Todd Peters knows plenty about working 12-hour days, seven days a week.
And he knows plenty about hard work, executing a plan and turning a vision into a strategy.
Todd has been working in warehouses since he was age 16. He’s progressively moved to bigger and bigger sites and today runs his own warehouse business in Colorado—Kitting and Assembly Solutions.
“It’s satisfying to keep moving up and getting better at your job and growing,” he said. “I take a lot of satisfaction when the orders go out, and when they come in, and everything is running smoothly, and when our workers are happy.
Kitting and Assembly Solutions is a Third-Party Logistics firm that provides a range of services, including Amazon FBA Prep; kitting, labeling, assembly, custom packaging, shipping, receiving, storage and quality control.
Kitting and Assembly Solutions can receive, pack and ship your Amazon products as individual units. The company can also customize boxes and labels for shipment to Amazon; assemble a wide range of products; and store your inventory on-site for future use.
But what customers ultimately rely on is Todd’s strong work ethic and ability to deliver with quality and consistency. That’s what has kept him in business all these years and that’s what keeps his customers coming back.
It’s all been second-nature for Todd since he was a teenager growing up in Texas. That’s when he took his first job, at a fabric warehouse, to earn some spending money.
“I never saw a career in it,” he said. “It was just a job. But I stayed at that first company for 13 years.”
Todd can’t remember for sure, but he was likely paid just above minimum wage to start. He handled shipping and receiving, or as he described it from a teenager’s point of view, “just learning how stuff came in and went out the door.”
A lasting memory from Todd’s time in that Texas warehouse was how well he got along with his boss.
“She was great,” he said. “I knew her kids and we were all just really close.”
That experience is something Todd keeps in the back of his mind today, as a boss with his own employees.
From Texas, Todd moved to Colorado, enrolled in school and earned an associate’s degree in music business. He also worked in another fabric warehouse owned by that same Texas company, but ended up managing the operation. The site was about 500-square-feet with just one employee to oversee, but Todd was working his way up.
He took another job, applying his knowledge of fabric at a furniture warehouse, and ended up managing four employees in a 5,000-square-foot location. It seemed that nothing could slow Todd down.
“It was just time to get bigger you know, and pursue the bigger opportunity,” Todd said, “and more money.”
Todd remained there for about a year and, continuing to apply his knowledge of fabric, managed a 25,000-square-foot warehouse owned by an apparel company. He once again was overseeing four employees, but the scale of the operation was a game-changer.
Todd moved on, shifting positions a couple of times. He ended up managing a 150,000-square-foot warehouse with 50 employees, for a transportation outfit that was also heavily invested in telemarketing.

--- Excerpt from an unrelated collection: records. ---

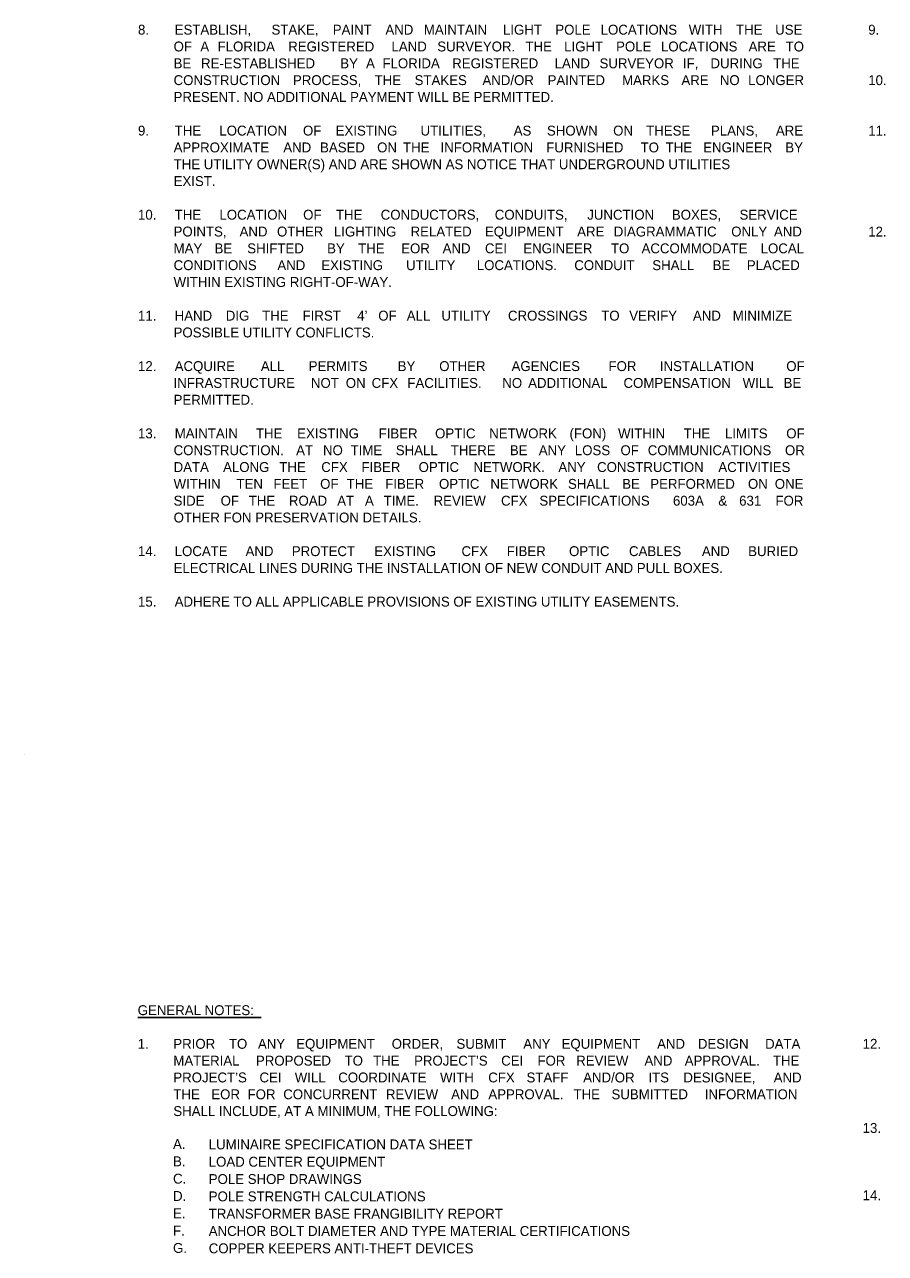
# Model space of a CAD drawing. Extents: x -55 to 2471539, y -90 to 3608906.
# Drawn here: x -54 to 555, y 780 to 1649 of the extents above; entities that cross this region are included whole.
import ezdxf

# ---------------------------------------------------------------- set-up
doc = ezdxf.new("R2010")
doc.units = 0
doc.layers.add('TextMinor', color=7, linetype='Continuous')
doc.layers.add('XSCell', color=7, linetype='Continuous')

msp = doc.modelspace()

# ---------------------------------------------------------------- linework, layer by layer
at = {"layer": 'TextMinor'}
msp.add_line((-54.3, 1133.16), (-54.3, 1133.16), dxfattribs=at)
at = {"layer": 'XSCell'}
msp.add_line((25.73, 946.96), (113.02, 946.96), dxfattribs=at)

# ---------------------------------------------------------------- texts
for s, p in [('8.', (25.93, 1642.28)), ('ESTABLISH, ', (51.88, 1642.28)), ('STAKE, ', (120.37, 1642.28)), ('PAINT ', (163.7, 1642.28)), ('AND ', (200.95, 1642.28)), ('MAINTAIN ', (228.11, 1642.28)), ('LIGHT ', (284.09, 1642.28)), ('POLE ', (321.15, 1642.28)), ('LOCATIONS ', (353.19, 1642.28)), ('WITH ', (415.49, 1642.28)), ('THE ', (448.94, 1642.28)), ('USE ', (476.64, 1642.28)), ('9.', (542.46, 1642.24)), ('OF ', (51.12, 1630.38)), ('A ', (70.02, 1630.38)), ('FLORIDA ', (82.24, 1630.38)), ('REGISTERED ', (132.19, 1630.38)), ('LAND ', (205.23, 1630.38)), ('SURVEYOR. ', (237.62, 1630.38)), ('THE ', (299.99, 1630.38)), ('LIGHT ', (327.38, 1630.38)), ('POLE ', (364.11, 1630.38)), ('LOCATIONS ', (395.84, 1630.38)), ('ARE ', (457.83, 1630.38)), ('TO ', (484.06, 1630.38)), ('RE-ESTABLISHED ', (70.53, 1618.48)), ('FLORIDA ', (198.84, 1618.48)), ('REGISTERED ', (248.18, 1618.48)), ('SURVEYOR ', (352.39, 1618.48)), ('DURING ', (430.89, 1618.48)), ('BE ', (51.12, 1618.48)), ('BY ', (169.03, 1618.48)), ('A ', (187.23, 1618.48)), ('LAND ', (320.61, 1618.48)), ('IF, ', (411.39, 1618.48)), ('THE ', (475.23, 1618.48)), ('CONSTRUCTION ', (51.12, 1606.58)), ('PROCESS, ', (135.53, 1606.58)), ('THE ', (193.29, 1606.58)), ('STAKES ', (221.6, 1606.58)), ('AND/OR ', (269.57, 1606.58)), ('PAINTED ', (315.68, 1606.58)), ('MARKS ', (368.35, 1606.58)), ('ARE ', (410.33, 1606.58)), ('NO ', (437.49, 1606.58)), ('LONGER ', (457.53, 1606.58)), ('10.', (542.46, 1606.54)), ('PRESENT. NO ADDITIONAL PAYMENT WILL BE PERMITTED.', (51.12, 1594.68)), ('9.', (25.93, 1570.88)), ('THE ', (51.88, 1570.88)), ('LOCATION ', (83.48, 1570.88)), ('OF ', (142.62, 1570.88)), ('EXISTING ', (165.74, 1570.88)), ('UTILITIES, ', (225.78, 1570.88)), ('AS ', (291.68, 1570.88)), ('SHOWN ', (315.2, 1570.88)), ('ON ', (362.04, 1570.88)), ('THESE ', (385.38, 1570.88)), ('PLANS, ', (431.2, 1570.88)), ('ARE ', (477.14, 1570.88)), ('11.', (542.46, 1570.84)), ('APPROXIMATE ', (51.12, 1558.98)), ('AND ', (128.7, 1558.98)), ('BASED ', (154.72, 1558.98)), ('ON ', (195.09, 1558.98)), ('THE ', (213.38, 1558.98)), ('INFORMATION ', (239.94, 1558.98)), ('FURNISHED ', (314.71, 1558.98)), ('TO ', (381.43, 1558.98)), ('THE ', (399.16, 1558.98)), ('ENGINEER ', (425.72, 1558.98)), ('BY ', (483.8, 1558.98)), ('THE UTILITY OWNER(S) AND ARE SHOWN AS NOTICE THAT UNDERGROUND UTILITIES ', (51.12, 1547.08)), ('EXIST.', (51.12, 1535.18)), ('10.', (25.93, 1511.38)), ('THE ', (51.88, 1511.38)), ('LOCATION ', (83.55, 1511.38)), ('OF ', (142.75, 1511.38)), ('THE ', (165.94, 1511.38)), ('CONDUCTORS, ', (197.62, 1511.38)), ('CONDUITS, ', (278.3, 1511.38)), ('JUNCTION ', (343.7, 1511.38)), ('BOXES, ', (403.57, 1511.38)), ('SERVICE ', (451.42, 1511.38)), ('POINTS, ', (51.12, 1499.48)), ('AND ', (97.78, 1499.48)), ('OTHER ', (124.25, 1499.48)), ('LIGHTING ', (164.51, 1499.48)), ('RELATED ', (218.76, 1499.48)), ('EQUIPMENT ', (271.36, 1499.48)), ('ARE ', (336.58, 1499.48)), ('DIAGRAMMATIC ', (362.44, 1499.48)), ('ONLY ', (445.54, 1499.48)), ('AND ', (475.77, 1499.48)), ('12.', (542.46, 1499.44)), ('MAY ', (51.12, 1487.58)), ('BE ', (80.1, 1487.58)), ('SHIFTED ', (103.22, 1487.58)), ('BY ', (159.71, 1487.58)), ('THE ', (181.63, 1487.58)), ('EOR ', (212.11, 1487.58)), ('AND ', (241.4, 1487.58)), ('CEI ', (271.34, 1487.58)), ('ENGINEER ', (298.47, 1487.58)), ('TO ', (360.47, 1487.58)), ('ACCOMMODATE ', (382.12, 1487.58)), ('LOCAL ', (466.36, 1487.58)), ('CONDITIONS ', (51.12, 1475.68)), ('AND ', (124.51, 1475.68)), ('EXISTING ', (155.55, 1475.68)), ('UTILITY ', (215.58, 1475.68)), ('LOCATIONS. ', (265.58, 1475.68)), ('CONDUIT ', (334.53, 1475.68)), ('SHALL ', (389.71, 1475.68)), ('BE ', (432.37, 1475.68)), ('PLACED ', (456.59, 1475.68)), ('WITHIN EXISTING RIGHT-OF-WAY.', (51.12, 1463.78)), ('11.', (25.93, 1439.98)), ('HAND ', (51.88, 1439.98)), ('DIG ', (88.04, 1439.98)), ('THE ', (113.72, 1439.98)), ('FIRST ', (142.35, 1439.98)), ('4’ ', (180.98, 1439.98)), ('OF ', (195.88, 1439.98)), ('ALL ', (216.02, 1439.98)), ('UTILITY ', (240.58, 1439.98)), ('CROSSINGS ', (287.63, 1439.98)), ('TO ', (353.61, 1439.98)), ('VERIFY ', (373.41, 1439.98)), ('AND ', (418.48, 1439.98)), ('MINIMIZE ', (446.58, 1439.98)), ('POSSIBLE UTILITY CONFLICTS.', (51.12, 1428.08)), ('12.', (25.93, 1404.28)), ('ACQUIRE ', (51.88, 1404.28)), ('ALL ', (112.83, 1404.28)), ('PERMITS ', (146.69, 1404.28)), ('BY ', (209.63, 1404.28)), ('OTHER ', (239, 1404.28)), ('AGENCIES ', (290.18, 1404.28)), ('FOR ', (358.74, 1404.28)), ('INSTALLATION ', (395.06, 1404.28)), ('OF ', (484.48, 1404.28)), ('INFRASTRUCTURE ', (51.12, 1392.38)), ('NOT ', (148.26, 1392.38)), ('ON ', (172.92, 1392.38)), ('CFX ', (191.2, 1392.38)), ('FACILITIES. ', (216.47, 1392.38)), ('NO ', (283.62, 1392.38)), ('ADDITIONAL ', (301.9, 1392.38)), ('COMPENSATION ', (369.37, 1392.38)), ('WILL ', (453.64, 1392.38)), ('BE ', (482.6, 1392.38)), ('PERMITTED.', (51.12, 1380.48)), ('13.', (25.93, 1356.68)), ('MAINTAIN ', (51.88, 1356.68)), ('THE ', (109.34, 1356.68)), ('EXISTING ', (138.52, 1356.68)), ('FIBER ', (196.14, 1356.68)), ('OPTIC ', (236.08, 1356.68)), ('NETWORK ', (274.38, 1356.68)), ('(FON) ', (331.18, 1356.68)), ('WITHIN ', (365.51, 1356.68)), ('THE ', (411.91, 1356.68)), ('LIMITS ', (441.09, 1356.68)), ('OF ', (484.48, 1356.68)), ('CONSTRUCTION. ', (51.12, 1344.78)), ('AT ', (137.78, 1344.78)), ('NO ', (156.79, 1344.78)), ('TIME ', (176.31, 1344.78)), ('SHALL ', (208.3, 1344.78)), ('THERE ', (247.17, 1344.78)), ('BE ', (288.98, 1344.78)), ('ANY ', (309.41, 1344.78)), ('LOSS ', (334.92, 1344.78)), ('OF ', (367.21, 1344.78)), ('COMMUNICATIONS ', (386.52, 1344.78)), ('OR ', (483.56, 1344.78)), ('DATA ', (51.12, 1332.88)), ('ALONG ', (86.11, 1332.88)), ('THE ', (125.89, 1332.88)), ('CFX ', (155.57, 1332.88)), ('FIBER ', (183.98, 1332.88)), ('OPTIC ', (224.42, 1332.88)), ('NETWORK. ', (263.22, 1332.88)), ('ANY ', (323.28, 1332.88)), ('CONSTRUCTION ', (350.66, 1332.88)), ('ACTIVITIES ', (436.44, 1332.88)), ('WITHIN ', (51.12, 1320.98)), ('TEN ', (95.6, 1320.98)), ('FEET ', (121.73, 1320.98)), ('OF ', (154.77, 1320.98)), ('THE ', (173.54, 1320.98)), ('FIBER ', (200.8, 1320.98)), ('OPTIC ', (238.82, 1320.98)), ('NETWORK ', (275.2, 1320.98)), ('SHALL ', (330.08, 1320.98)), ('BE ', (368.42, 1320.98)), ('PERFORMED ', (388.31, 1320.98)), ('ON ', (457.38, 1320.98)), ('ONE ', (476.37, 1320.98)), ('SIDE ', (51.12, 1309.08)), ('OF ', (84.37, 1309.08)), ('THE ', (104.28, 1309.08)), ('ROAD ', (132.68, 1309.08)), ('AT ', (166.85, 1309.08)), ('A ', (186.46, 1309.08)), ('TIME. ', (199.69, 1309.08)), ('REVIEW ', (235.03, 1309.08)), ('CFX ', (282.72, 1309.08)), ('SPECIFICATIONS ', (309.84, 1309.08)), ('603A ', (404.34, 1309.08)), ('& ', (436.43, 1309.08)), ('631 ', (451.16, 1309.08)), ('FOR ', (476.84, 1309.08)), ('OTHER FON PRESERVATION DETAILS.', (51.12, 1297.18)), ('14.', (25.93, 1273.38)), ('LOCATE ', (51.88, 1273.38)), ('AND ', (102, 1273.38)), ('PROTECT ', (134.75, 1273.38)), ('EXISTING ', (193.03, 1273.38)), ('CFX ', (254.76, 1273.38)), ('FIBER ', (286.78, 1273.38)), ('OPTIC ', (330.84, 1273.38)), ('CABLES ', (373.25, 1273.38)), ('AND ', (424.79, 1273.38)), ('BURIED ', (457.54, 1273.38)), ('ELECTRICAL LINES DURING THE INSTALLATION OF NEW CONDUIT AND PULL BOXES.', (51.12, 1261.48)), ('15.', (25.93, 1237.68)), ('ADHERE TO ALL APPLICABLE PROVISIONS OF EXISTING UTILITY EASEMENTS.', (51.88, 1237.68)), ('GENERAL NOTES:', (25.72, 948.68)), ('1.', (25.72, 924.88)), ('PRIOR ', (50.92, 924.88)), ('TO ', (90.22, 924.88)), ('ANY ', (110.76, 924.88)), ('EQUIPMENT ', (137.83, 924.88)), ('ORDER, ', (205.4, 924.88)), ('SUBMIT ', (251.19, 924.88)), ('ANY ', (298.48, 924.88)), ('EQUIPMENT ', (325.55, 924.88)), ('AND ', (393.12, 924.88)), ('DESIGN ', (421.95, 924.88)), ('DATA ', (469.51, 924.88)), ('12.', (538.51, 924.88)), ('MATERIAL ', (50.92, 912.98)), ('PROPOSED ', (109.37, 912.98)), ('TO ', (172.05, 912.98)), ('THE ', (192.22, 912.98)), ('PROJECT’S ', (221.23, 912.98)), ('CEI ', (282.84, 912.98)), ('FOR ', (308.49, 912.98)), ('REVIEW ', (335.89, 912.98)), ('AND ', (384.18, 912.98)), ('APPROVAL. ', (412.65, 912.98)), ('THE ', (475.03, 912.98)), ('PROJECT’S ', (50.92, 901.08)), ('CEI ', (111.85, 901.08)), ('WILL ', (136.83, 901.08)), ('COORDINATE ', (167.58, 901.08)), ('WITH ', (239.59, 901.08)), ('CFX ', (273.68, 901.08)), ('STAFF ', (300.75, 901.08)), ('AND/OR ', (340.81, 901.08)), ('ITS ', (386.95, 901.08)), ('DESIGNEE, ', (411.69, 901.08)), ('AND ', (475.56, 901.08)), ('THE ', (50.92, 889.18)), ('EOR ', (77.78, 889.18)), ('FOR ', (103.44, 889.18)), ('CONCURRENT ', (128.68, 889.18)), ('REVIEW ', (201.3, 889.18)), ('AND ', (247.45, 889.18)), ('APPROVAL. ', (273.76, 889.18)), ('THE ', (333.99, 889.18)), ('SUBMITTED ', (360.85, 889.18)), ('INFORMATION ', (426.82, 889.18)), ('SHALL INCLUDE, AT A MINIMUM, THE FOLLOWING:', (50.92, 877.28)), ('13.', (538.51, 865.38)), ('A.', (50.72, 853.98)), ('LUMINAIRE SPECIFICATION DATA SHEET', (75.97, 853.71)), ('B.', (50.72, 841.73)), ('LOAD CENTER EQUIPMENT', (75.97, 841.46)), ('C.', (50.72, 829.48)), ('POLE SHOP DRAWINGS', (75.97, 829.21)), ('D.', (50.72, 817.23)), ('POLE STRENGTH CALCULATIONS', (75.97, 816.96)), ('14.', (538.51, 817.78)), ('E.', (50.72, 804.98)), ('TRANSFORMER BASE FRANGIBILITY REPORT', (75.97, 804.71)), ('F.', (50.72, 792.73)), ('ANCHOR BOLT DIAMETER AND TYPE MATERIAL CERTIFICATIONS', (75.97, 792.46)), ('G.', (50.72, 780.48)), ('COPPER KEEPERS ANTI-THEFT DEVICES', (75.97, 780.21))]:
    msp.add_text(s, height=7, dxfattribs=at).set_placement(p)

doc.saveas('drawing.dxf')

Todd moved on again, this time to a promotional company that produced promotional schwag for companies. He worked there for six years before the 2008 recession hit and when that company’s Colorado warehouse closed, he was offered a position in Kentucky. He turned that offer down, took a break for a few years and in 2014 opened his own business—Kitting and Assembly Solutions—in his garage.
“I just felt like it was time and I could do it on my own,” he said. “I had enough knowledge at this point and was ready to put in the commitment. I never really was ready to put the commitment in. I didn’t want to put in 12-hour days, seven days a week. But I just finally came to the point where I said, ‘I’m ready now to do that.’ So I just did it.”
Todd launched Kitting and Assembly Solutions in his garage with no employees, no overhead and no customers. But business soon picked up and he ended up working 12-hour days, seven days a week, for three years straight with just 10 days off.
“That’s weekends, holidays, birthdays—you name it,” he said.
And that’s where Todd remains today, running his own business. But he isn’t pulling those long hours anymore, and he’s long gone from his garage. Todd now oversees Kitting and Assembly’s 12 employees in a 10,000-square-foot warehouse he runs not far from Denver.
Asked about what drives his endurance, he said, “Just doing a great job—getting your orders done on time, getting everything out the door. In the end, you just grow comfortable with it and you end up liking it.
“Shipping and receiving all seem the same. But pulling orders, getting them done, getting them done before they’re supposed to be done—that’s the stuff that’s fulfilling for me because I know I made my customer extra happy.”